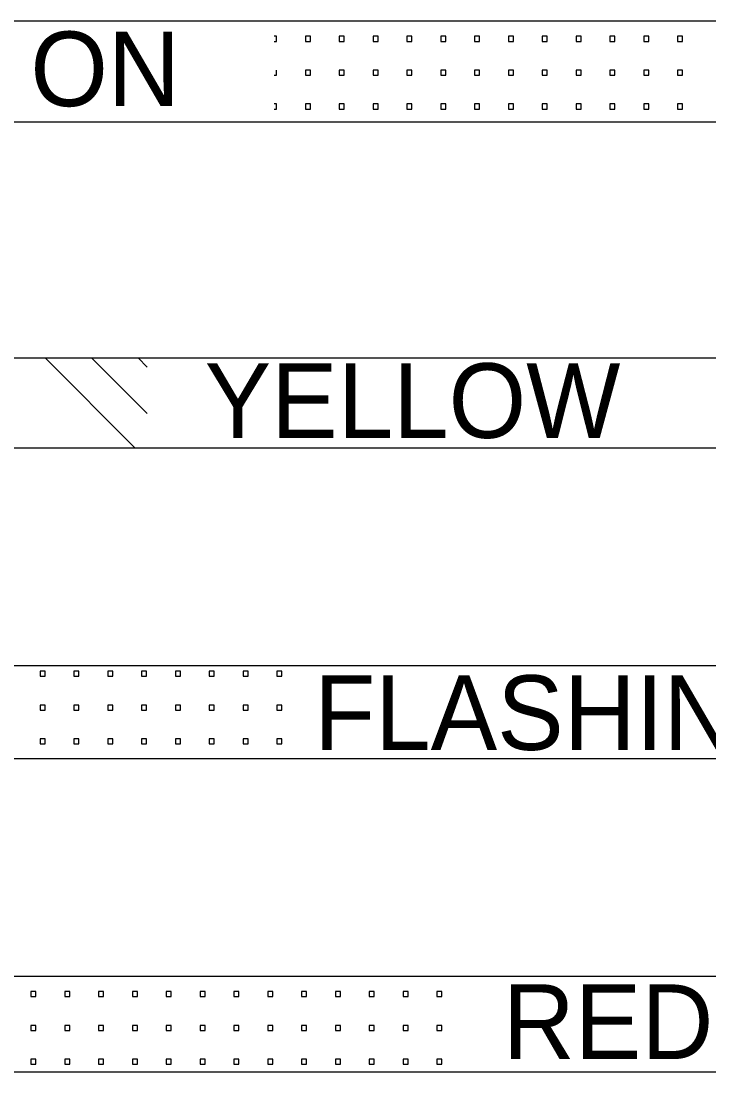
# Model space of a CAD drawing. Extents: x 15 to 764, y 7 to 487.
# Drawn here: x 610.69 to 642.97, y 134.67 to 183.98 of the extents above; entities that cross this region are included whole.
import ezdxf

# ---------------------------------------------------------------- set-up
doc = ezdxf.new("R2010")
doc.units = 0
doc.layers.add('Default', color=7, linetype='Continuous')
doc.layers.add('TextStructures', color=7, linetype='Continuous')

msp = doc.modelspace()

# ---------------------------------------------------------------- linework, layer by layer
at = {"layer": 'Default'}
for p, q in [((756.61, 183.984), (462.687, 183.984)), ((462.687, 179.246), (756.61, 179.246)), ((462.687, 168.178), (756.61, 168.178)), ((462.687, 163.965), (756.61, 163.965)), ((462.687, 153.744), (756.61, 153.744)), ((462.687, 149.383), (756.61, 149.383)), ((462.687, 139.163), (756.61, 139.163)), ((462.687, 134.675), (756.61, 134.675))]:
    msp.add_line(p, q, dxfattribs=at)
for points in [[(622.677, 183.27), (622.573, 183.269)], [(622.573, 183.03), (622.677, 183.03)], [(622.677, 183.03), (622.677, 183.27)], [(624.267, 183.03), (624.267, 183.27), (624.03, 183.269), (624.03, 183.03), (624.267, 183.03)], [(624.267, 183.03), (624.267, 183.27), (624.03, 183.269), (624.03, 183.03), (624.267, 183.03)], [(625.853, 183.03), (625.853, 183.27), (625.617, 183.269), (625.617, 183.03), (625.853, 183.03)], [(625.853, 183.03), (625.853, 183.27), (625.617, 183.269), (625.617, 183.03), (625.853, 183.03)], [(627.443, 183.03), (627.443, 183.27), (627.207, 183.269), (627.207, 183.03), (627.443, 183.03)], [(627.443, 183.03), (627.443, 183.27), (627.207, 183.269), (627.207, 183.03), (627.443, 183.03)], [(629.03, 183.03), (629.03, 183.27), (628.793, 183.269), (628.793, 183.03), (629.03, 183.03)], [(629.03, 183.03), (629.03, 183.27), (628.793, 183.269), (628.793, 183.03), (629.03, 183.03)], [(630.619, 183.03), (630.619, 183.27), (630.383, 183.269), (630.383, 183.03), (630.619, 183.03)], [(630.619, 183.03), (630.619, 183.27), (630.383, 183.269), (630.383, 183.03), (630.619, 183.03)], [(632.206, 183.03), (632.206, 183.27), (631.969, 183.269), (631.969, 183.03), (632.206, 183.03)], [(632.206, 183.03), (632.206, 183.27), (631.969, 183.269), (631.969, 183.03), (632.206, 183.03)], [(633.795, 183.03), (633.795, 183.27), (633.559, 183.269), (633.559, 183.03), (633.795, 183.03)], [(633.795, 183.03), (633.795, 183.27), (633.559, 183.269), (633.559, 183.03), (633.795, 183.03)], [(635.382, 183.03), (635.382, 183.27), (635.145, 183.269), (635.145, 183.03), (635.382, 183.03)], [(635.382, 183.03), (635.382, 183.27), (635.145, 183.269), (635.145, 183.03), (635.382, 183.03)], [(636.972, 183.03), (636.972, 183.27), (636.735, 183.269), (636.735, 183.03), (636.972, 183.03)], [(636.972, 183.03), (636.972, 183.27), (636.735, 183.269), (636.735, 183.03), (636.972, 183.03)], [(638.558, 183.03), (638.558, 183.27), (638.321, 183.269), (638.321, 183.03), (638.558, 183.03)], [(638.558, 183.03), (638.558, 183.27), (638.321, 183.269), (638.321, 183.03), (638.558, 183.03)], [(640.148, 183.03), (640.148, 183.27), (639.911, 183.269), (639.911, 183.03), (640.148, 183.03)], [(640.148, 183.03), (640.148, 183.27), (639.911, 183.269), (639.911, 183.03), (640.148, 183.03)], [(641.734, 183.03), (641.734, 183.27), (641.498, 183.269), (641.498, 183.03), (641.734, 183.03)], [(641.734, 183.03), (641.734, 183.27), (641.498, 183.269), (641.498, 183.03), (641.734, 183.03)], [(622.677, 181.443), (622.677, 181.683)], [(624.267, 181.443), (624.267, 181.683), (624.03, 181.682), (624.03, 181.443), (624.267, 181.443)], [(624.267, 181.443), (624.267, 181.683), (624.03, 181.682), (624.03, 181.443), (624.267, 181.443)], [(625.853, 181.443), (625.853, 181.683), (625.617, 181.682), (625.617, 181.443), (625.853, 181.443)], [(625.853, 181.443), (625.853, 181.683), (625.617, 181.682), (625.617, 181.443), (625.853, 181.443)], [(627.443, 181.443), (627.443, 181.683), (627.207, 181.682), (627.207, 181.443), (627.443, 181.443)], [(627.443, 181.443), (627.443, 181.683), (627.207, 181.682), (627.207, 181.443), (627.443, 181.443)], [(629.03, 181.443), (629.03, 181.683), (628.793, 181.682), (628.793, 181.443), (629.03, 181.443)], [(629.03, 181.443), (629.03, 181.683), (628.793, 181.682), (628.793, 181.443), (629.03, 181.443)], [(630.619, 181.443), (630.619, 181.683), (630.383, 181.682), (630.383, 181.443), (630.619, 181.443)], [(630.619, 181.443), (630.619, 181.683), (630.383, 181.682), (630.383, 181.443), (630.619, 181.443)], [(632.206, 181.443), (632.206, 181.683), (631.969, 181.682), (631.969, 181.443), (632.206, 181.443)], [(632.206, 181.443), (632.206, 181.683), (631.969, 181.682), (631.969, 181.443), (632.206, 181.443)], [(633.795, 181.443), (633.795, 181.683), (633.559, 181.682), (633.559, 181.443), (633.795, 181.443)], [(633.795, 181.443), (633.795, 181.683), (633.559, 181.682), (633.559, 181.443), (633.795, 181.443)], [(635.382, 181.443), (635.382, 181.683), (635.145, 181.682), (635.145, 181.443), (635.382, 181.443)], [(635.382, 181.443), (635.382, 181.683), (635.145, 181.682), (635.145, 181.443), (635.382, 181.443)], [(636.972, 181.443), (636.972, 181.683), (636.735, 181.682), (636.735, 181.443), (636.972, 181.443)], [(636.972, 181.443), (636.972, 181.683), (636.735, 181.682), (636.735, 181.443), (636.972, 181.443)], [(638.558, 181.443), (638.558, 181.683), (638.321, 181.682), (638.321, 181.443), (638.558, 181.443)], [(638.558, 181.443), (638.558, 181.683), (638.321, 181.682), (638.321, 181.443), (638.558, 181.443)], [(640.148, 181.443), (640.148, 181.683), (639.911, 181.682), (639.911, 181.443), (640.148, 181.443)], [(640.148, 181.443), (640.148, 181.683), (639.911, 181.682), (639.911, 181.443), (640.148, 181.443)], [(641.734, 181.443), (641.734, 181.683), (641.498, 181.682), (641.498, 181.443), (641.734, 181.443)], [(641.734, 181.443), (641.734, 181.683), (641.498, 181.682), (641.498, 181.443), (641.734, 181.443)], [(622.573, 181.443), (622.677, 181.443)], [(622.677, 180.094), (622.573, 180.094)], [(622.677, 179.854), (622.677, 180.094)], [(624.267, 179.854), (624.267, 180.094), (624.03, 180.093), (624.03, 179.854), (624.267, 179.854)], [(624.267, 179.854), (624.267, 180.094), (624.03, 180.093), (624.03, 179.854), (624.267, 179.854)], [(625.853, 179.854), (625.853, 180.094), (625.617, 180.093), (625.617, 179.854), (625.853, 179.854)], [(625.853, 179.854), (625.853, 180.094), (625.617, 180.093), (625.617, 179.854), (625.853, 179.854)], [(627.443, 179.854), (627.443, 180.094), (627.207, 180.093), (627.207, 179.854), (627.443, 179.854)], [(627.443, 179.854), (627.443, 180.094), (627.207, 180.093), (627.207, 179.854), (627.443, 179.854)], [(629.03, 179.854), (629.03, 180.094), (628.793, 180.093), (628.793, 179.854), (629.03, 179.854)], [(629.03, 179.854), (629.03, 180.094), (628.793, 180.093), (628.793, 179.854), (629.03, 179.854)], [(630.619, 179.854), (630.619, 180.094), (630.383, 180.093), (630.383, 179.854), (630.619, 179.854)], [(630.619, 179.854), (630.619, 180.094), (630.383, 180.093), (630.383, 179.854), (630.619, 179.854)], [(632.206, 179.854), (632.206, 180.094), (631.969, 180.093), (631.969, 179.854), (632.206, 179.854)], [(632.206, 179.854), (632.206, 180.094), (631.969, 180.093), (631.969, 179.854), (632.206, 179.854)], [(633.795, 179.854), (633.795, 180.094), (633.559, 180.093), (633.559, 179.854), (633.795, 179.854)], [(633.795, 179.854), (633.795, 180.094), (633.559, 180.093), (633.559, 179.854), (633.795, 179.854)], [(635.382, 179.854), (635.382, 180.094), (635.145, 180.093), (635.145, 179.854), (635.382, 179.854)], [(635.382, 179.854), (635.382, 180.094), (635.145, 180.093), (635.145, 179.854), (635.382, 179.854)], [(636.972, 179.854), (636.972, 180.094), (636.735, 180.093), (636.735, 179.854), (636.972, 179.854)], [(636.972, 179.854), (636.972, 180.094), (636.735, 180.093), (636.735, 179.854), (636.972, 179.854)], [(638.558, 179.854), (638.558, 180.094), (638.321, 180.093), (638.321, 179.854), (638.558, 179.854)], [(638.558, 179.854), (638.558, 180.094), (638.321, 180.093), (638.321, 179.854), (638.558, 179.854)], [(640.148, 179.854), (640.148, 180.094), (639.911, 180.093), (639.911, 179.854), (640.148, 179.854)], [(640.148, 179.854), (640.148, 180.094), (639.911, 180.093), (639.911, 179.854), (640.148, 179.854)], [(641.734, 179.854), (641.734, 180.094), (641.498, 180.093), (641.498, 179.854), (641.734, 179.854)], [(641.734, 179.854), (641.734, 180.094), (641.498, 180.093), (641.498, 179.854), (641.734, 179.854)], [(622.573, 179.854), (622.677, 179.854)], [(611.821, 168.178), (616.034, 163.965)], [(614, 168.178), (616.609, 165.568)], [(616.178, 168.178), (616.609, 167.747)], [(611.816, 153.239), (611.816, 153.478), (611.579, 153.477), (611.579, 153.239), (611.816, 153.239)], [(611.816, 153.239), (611.816, 153.478), (611.579, 153.477), (611.579, 153.239), (611.816, 153.239)], [(613.402, 153.239), (613.402, 153.478), (613.166, 153.477), (613.166, 153.239), (613.402, 153.239)], [(613.402, 153.239), (613.402, 153.478), (613.166, 153.477), (613.166, 153.239), (613.402, 153.239)], [(614.992, 153.239), (614.992, 153.478), (614.756, 153.477), (614.756, 153.239), (614.992, 153.239)], [(614.992, 153.239), (614.992, 153.478), (614.756, 153.477), (614.756, 153.239), (614.992, 153.239)], [(616.579, 153.239), (616.579, 153.478), (616.342, 153.477), (616.342, 153.239), (616.579, 153.239)], [(616.579, 153.239), (616.579, 153.478), (616.342, 153.477), (616.342, 153.239), (616.579, 153.239)], [(618.168, 153.239), (618.168, 153.478), (617.932, 153.477), (617.932, 153.239), (618.168, 153.239)], [(618.168, 153.239), (618.168, 153.478), (617.932, 153.477), (617.932, 153.239), (618.168, 153.239)], [(619.755, 153.239), (619.755, 153.478), (619.518, 153.477), (619.518, 153.239), (619.755, 153.239)], [(619.755, 153.239), (619.755, 153.478), (619.518, 153.477), (619.518, 153.239), (619.755, 153.239)], [(621.344, 153.239), (621.344, 153.478), (621.108, 153.477), (621.108, 153.239), (621.344, 153.239)], [(621.344, 153.239), (621.344, 153.478), (621.108, 153.477), (621.108, 153.239), (621.344, 153.239)], [(622.931, 153.239), (622.931, 153.478), (622.694, 153.477), (622.694, 153.239), (622.931, 153.239)], [(622.931, 153.239), (622.931, 153.478), (622.694, 153.477), (622.694, 153.239), (622.931, 153.239)], [(611.816, 151.65), (611.816, 151.89), (611.579, 151.888), (611.579, 151.65), (611.816, 151.65)], [(611.816, 151.65), (611.816, 151.89), (611.579, 151.888), (611.579, 151.65), (611.816, 151.65)], [(613.402, 151.65), (613.402, 151.89), (613.166, 151.888), (613.166, 151.65), (613.402, 151.65)], [(613.402, 151.65), (613.402, 151.89), (613.166, 151.888), (613.166, 151.65), (613.402, 151.65)], [(614.992, 151.65), (614.992, 151.89), (614.756, 151.888), (614.756, 151.65), (614.992, 151.65)], [(614.992, 151.65), (614.992, 151.89), (614.756, 151.888), (614.756, 151.65), (614.992, 151.65)], [(616.579, 151.65), (616.579, 151.89), (616.342, 151.888), (616.342, 151.65), (616.579, 151.65)], [(616.579, 151.65), (616.579, 151.89), (616.342, 151.888), (616.342, 151.65), (616.579, 151.65)], [(618.168, 151.65), (618.168, 151.89), (617.932, 151.888), (617.932, 151.65), (618.168, 151.65)], [(618.168, 151.65), (618.168, 151.89), (617.932, 151.888), (617.932, 151.65), (618.168, 151.65)], [(619.755, 151.65), (619.755, 151.89), (619.518, 151.888), (619.518, 151.65), (619.755, 151.65)], [(619.755, 151.65), (619.755, 151.89), (619.518, 151.888), (619.518, 151.65), (619.755, 151.65)], [(621.344, 151.65), (621.344, 151.89), (621.108, 151.888), (621.108, 151.65), (621.344, 151.65)], [(621.344, 151.65), (621.344, 151.89), (621.108, 151.888), (621.108, 151.65), (621.344, 151.65)], [(622.931, 151.65), (622.931, 151.89), (622.694, 151.888), (622.694, 151.65), (622.931, 151.65)], [(622.931, 151.65), (622.931, 151.89), (622.694, 151.888), (622.694, 151.65), (622.931, 151.65)], [(611.816, 150.063), (611.816, 150.302), (611.579, 150.301), (611.579, 150.063), (611.816, 150.063)], [(611.816, 150.063), (611.816, 150.302), (611.579, 150.301), (611.579, 150.063), (611.816, 150.063)], [(613.402, 150.063), (613.402, 150.302), (613.166, 150.301), (613.166, 150.063), (613.402, 150.063)], [(613.402, 150.063), (613.402, 150.302), (613.166, 150.301), (613.166, 150.063), (613.402, 150.063)], [(614.992, 150.063), (614.992, 150.302), (614.756, 150.301), (614.756, 150.063), (614.992, 150.063)], [(614.992, 150.063), (614.992, 150.302), (614.756, 150.301), (614.756, 150.063), (614.992, 150.063)], [(616.579, 150.063), (616.579, 150.302), (616.342, 150.301), (616.342, 150.063), (616.579, 150.063)], [(616.579, 150.063), (616.579, 150.302), (616.342, 150.301), (616.342, 150.063), (616.579, 150.063)], [(618.168, 150.063), (618.168, 150.302), (617.932, 150.301), (617.932, 150.063), (618.168, 150.063)], [(618.168, 150.063), (618.168, 150.302), (617.932, 150.301), (617.932, 150.063), (618.168, 150.063)], [(619.755, 150.063), (619.755, 150.302), (619.518, 150.301), (619.518, 150.063), (619.755, 150.063)], [(619.755, 150.063), (619.755, 150.302), (619.518, 150.301), (619.518, 150.063), (619.755, 150.063)], [(621.344, 150.063), (621.344, 150.302), (621.108, 150.301), (621.108, 150.063), (621.344, 150.063)], [(621.344, 150.063), (621.344, 150.302), (621.108, 150.301), (621.108, 150.063), (621.344, 150.063)], [(622.931, 150.063), (622.931, 150.302), (622.694, 150.301), (622.694, 150.063), (622.931, 150.063)], [(622.931, 150.063), (622.931, 150.302), (622.694, 150.301), (622.694, 150.063), (622.931, 150.063)], [(611.385, 138.212), (611.385, 138.452), (611.148, 138.451), (611.148, 138.212), (611.385, 138.212)], [(611.385, 138.212), (611.385, 138.452), (611.148, 138.451), (611.148, 138.212), (611.385, 138.212)], [(612.974, 138.212), (612.974, 138.452), (612.738, 138.451), (612.738, 138.212), (612.974, 138.212)], [(612.974, 138.212), (612.974, 138.452), (612.738, 138.451), (612.738, 138.212), (612.974, 138.212)], [(614.561, 138.212), (614.561, 138.452), (614.324, 138.451), (614.324, 138.212), (614.561, 138.212)], [(614.561, 138.212), (614.561, 138.452), (614.324, 138.451), (614.324, 138.212), (614.561, 138.212)], [(616.151, 138.212), (616.151, 138.452), (615.914, 138.451), (615.914, 138.212), (616.151, 138.212)], [(616.151, 138.212), (616.151, 138.452), (615.914, 138.451), (615.914, 138.212), (616.151, 138.212)], [(617.737, 138.212), (617.737, 138.452), (617.5, 138.451), (617.5, 138.212), (617.737, 138.212)], [(617.737, 138.212), (617.737, 138.452), (617.5, 138.451), (617.5, 138.212), (617.737, 138.212)], [(619.327, 138.212), (619.327, 138.452), (619.09, 138.451), (619.09, 138.212), (619.327, 138.212)], [(619.327, 138.212), (619.327, 138.452), (619.09, 138.451), (619.09, 138.212), (619.327, 138.212)], [(620.913, 138.212), (620.913, 138.452), (620.676, 138.451), (620.676, 138.212), (620.913, 138.212)], [(620.913, 138.212), (620.913, 138.452), (620.676, 138.451), (620.676, 138.212), (620.913, 138.212)], [(622.503, 138.212), (622.503, 138.452), (622.266, 138.451), (622.266, 138.212), (622.503, 138.212)], [(622.503, 138.212), (622.503, 138.452), (622.266, 138.451), (622.266, 138.212), (622.503, 138.212)], [(624.089, 138.212), (624.089, 138.452), (623.853, 138.451), (623.853, 138.212), (624.089, 138.212)], [(624.089, 138.212), (624.089, 138.452), (623.853, 138.451), (623.853, 138.212), (624.089, 138.212)], [(625.679, 138.212), (625.679, 138.452), (625.442, 138.451), (625.442, 138.212), (625.679, 138.212)], [(625.679, 138.212), (625.679, 138.452), (625.442, 138.451), (625.442, 138.212), (625.679, 138.212)], [(627.265, 138.212), (627.265, 138.452), (627.029, 138.451), (627.029, 138.212), (627.265, 138.212)], [(627.265, 138.212), (627.265, 138.452), (627.029, 138.451), (627.029, 138.212), (627.265, 138.212)], [(628.855, 138.212), (628.855, 138.452), (628.619, 138.451), (628.619, 138.212), (628.855, 138.212)], [(628.855, 138.212), (628.855, 138.452), (628.619, 138.451), (628.619, 138.212), (628.855, 138.212)], [(630.442, 138.212), (630.442, 138.452), (630.205, 138.451), (630.205, 138.212), (630.442, 138.212)], [(630.442, 138.212), (630.442, 138.452), (630.205, 138.451), (630.205, 138.212), (630.442, 138.212)], [(611.385, 136.624), (611.385, 136.863), (611.148, 136.862), (611.148, 136.624), (611.385, 136.624)], [(611.385, 136.624), (611.385, 136.863), (611.148, 136.862), (611.148, 136.624), (611.385, 136.624)], [(612.974, 136.624), (612.974, 136.863), (612.738, 136.862), (612.738, 136.624), (612.974, 136.624)], [(612.974, 136.624), (612.974, 136.863), (612.738, 136.862), (612.738, 136.624), (612.974, 136.624)], [(614.561, 136.624), (614.561, 136.863), (614.324, 136.862), (614.324, 136.624), (614.561, 136.624)], [(614.561, 136.624), (614.561, 136.863), (614.324, 136.862), (614.324, 136.624), (614.561, 136.624)], [(616.151, 136.624), (616.151, 136.863), (615.914, 136.862), (615.914, 136.624), (616.151, 136.624)], [(616.151, 136.624), (616.151, 136.863), (615.914, 136.862), (615.914, 136.624), (616.151, 136.624)], [(617.737, 136.624), (617.737, 136.863), (617.5, 136.862), (617.5, 136.624), (617.737, 136.624)], [(617.737, 136.624), (617.737, 136.863), (617.5, 136.862), (617.5, 136.624), (617.737, 136.624)], [(619.327, 136.624), (619.327, 136.863), (619.09, 136.862), (619.09, 136.624), (619.327, 136.624)], [(619.327, 136.624), (619.327, 136.863), (619.09, 136.862), (619.09, 136.624), (619.327, 136.624)], [(620.913, 136.624), (620.913, 136.863), (620.676, 136.862), (620.676, 136.624), (620.913, 136.624)], [(620.913, 136.624), (620.913, 136.863), (620.676, 136.862), (620.676, 136.624), (620.913, 136.624)], [(622.503, 136.624), (622.503, 136.863), (622.266, 136.862), (622.266, 136.624), (622.503, 136.624)], [(622.503, 136.624), (622.503, 136.863), (622.266, 136.862), (622.266, 136.624), (622.503, 136.624)], [(624.089, 136.624), (624.089, 136.863), (623.853, 136.862), (623.853, 136.624), (624.089, 136.624)], [(624.089, 136.624), (624.089, 136.863), (623.853, 136.862), (623.853, 136.624), (624.089, 136.624)], [(625.679, 136.624), (625.679, 136.863), (625.442, 136.862), (625.442, 136.624), (625.679, 136.624)], [(625.679, 136.624), (625.679, 136.863), (625.442, 136.862), (625.442, 136.624), (625.679, 136.624)], [(627.265, 136.624), (627.265, 136.863), (627.029, 136.862), (627.029, 136.624), (627.265, 136.624)], [(627.265, 136.624), (627.265, 136.863), (627.029, 136.862), (627.029, 136.624), (627.265, 136.624)], [(628.855, 136.624), (628.855, 136.863), (628.619, 136.862), (628.619, 136.624), (628.855, 136.624)], [(628.855, 136.624), (628.855, 136.863), (628.619, 136.862), (628.619, 136.624), (628.855, 136.624)], [(630.442, 136.624), (630.442, 136.863), (630.205, 136.862), (630.205, 136.624), (630.442, 136.624)], [(630.442, 136.624), (630.442, 136.863), (630.205, 136.862), (630.205, 136.624), (630.442, 136.624)], [(611.385, 135.036), (611.385, 135.276), (611.148, 135.275), (611.148, 135.036), (611.385, 135.036)], [(611.385, 135.036), (611.385, 135.276), (611.148, 135.275), (611.148, 135.036), (611.385, 135.036)], [(612.974, 135.036), (612.974, 135.276), (612.738, 135.275), (612.738, 135.036), (612.974, 135.036)], [(612.974, 135.036), (612.974, 135.276), (612.738, 135.275), (612.738, 135.036), (612.974, 135.036)], [(614.561, 135.036), (614.561, 135.276), (614.324, 135.275), (614.324, 135.036), (614.561, 135.036)], [(614.561, 135.036), (614.561, 135.276), (614.324, 135.275), (614.324, 135.036), (614.561, 135.036)], [(616.151, 135.036), (616.151, 135.276), (615.914, 135.275), (615.914, 135.036), (616.151, 135.036)], [(616.151, 135.036), (616.151, 135.276), (615.914, 135.275), (615.914, 135.036), (616.151, 135.036)], [(617.737, 135.036), (617.737, 135.276), (617.5, 135.275), (617.5, 135.036), (617.737, 135.036)], [(617.737, 135.036), (617.737, 135.276), (617.5, 135.275), (617.5, 135.036), (617.737, 135.036)], [(619.327, 135.036), (619.327, 135.276), (619.09, 135.275), (619.09, 135.036), (619.327, 135.036)], [(619.327, 135.036), (619.327, 135.276), (619.09, 135.275), (619.09, 135.036), (619.327, 135.036)], [(620.913, 135.036), (620.913, 135.276), (620.676, 135.275), (620.676, 135.036), (620.913, 135.036)], [(620.913, 135.036), (620.913, 135.276), (620.676, 135.275), (620.676, 135.036), (620.913, 135.036)], [(622.503, 135.036), (622.503, 135.276), (622.266, 135.275), (622.266, 135.036), (622.503, 135.036)], [(622.503, 135.036), (622.503, 135.276), (622.266, 135.275), (622.266, 135.036), (622.503, 135.036)], [(624.089, 135.036), (624.089, 135.276), (623.853, 135.275), (623.853, 135.036), (624.089, 135.036)], [(624.089, 135.036), (624.089, 135.276), (623.853, 135.275), (623.853, 135.036), (624.089, 135.036)], [(625.679, 135.036), (625.679, 135.276), (625.442, 135.275), (625.442, 135.036), (625.679, 135.036)], [(625.679, 135.036), (625.679, 135.276), (625.442, 135.275), (625.442, 135.036), (625.679, 135.036)], [(627.265, 135.036), (627.265, 135.276), (627.029, 135.275), (627.029, 135.036), (627.265, 135.036)], [(627.265, 135.036), (627.265, 135.276), (627.029, 135.275), (627.029, 135.036), (627.265, 135.036)], [(628.855, 135.036), (628.855, 135.276), (628.619, 135.275), (628.619, 135.036), (628.855, 135.036)], [(628.855, 135.036), (628.855, 135.276), (628.619, 135.275), (628.619, 135.036), (628.855, 135.036)], [(630.442, 135.036), (630.442, 135.276), (630.205, 135.275), (630.205, 135.036), (630.442, 135.036)], [(630.442, 135.036), (630.442, 135.276), (630.205, 135.275), (630.205, 135.036), (630.442, 135.036)]]:
    msp.add_lwpolyline(points, dxfattribs=at)

# ---------------------------------------------------------------- texts
at = {"layer": 'TextStructures'}
for s, p in [('ON', (611.127, 179.989)), ('YELLOW', (619.305, 164.424)), ('FLASHING RED', (624.448, 149.784)), ('RED', (633.296, 135.284))]:
    msp.add_text(s, height=3.5, rotation=0.0007, dxfattribs=at).set_placement(p)

doc.saveas('drawing.dxf')

-*-*-

**Problem**
Print exactly, and only, the lines running from the one that contains "for s, p in" to the last line of the records above.

**Result of this exercise**
for s, p in [('ON', (611.127, 179.989)), ('YELLOW', (619.305, 164.424)), ('FLASHING RED', (624.448, 149.784)), ('RED', (633.296, 135.284))]:
    msp.add_text(s, height=3.5, rotation=0.0007, dxfattribs=at).set_placement(p)

doc.saveas('drawing.dxf')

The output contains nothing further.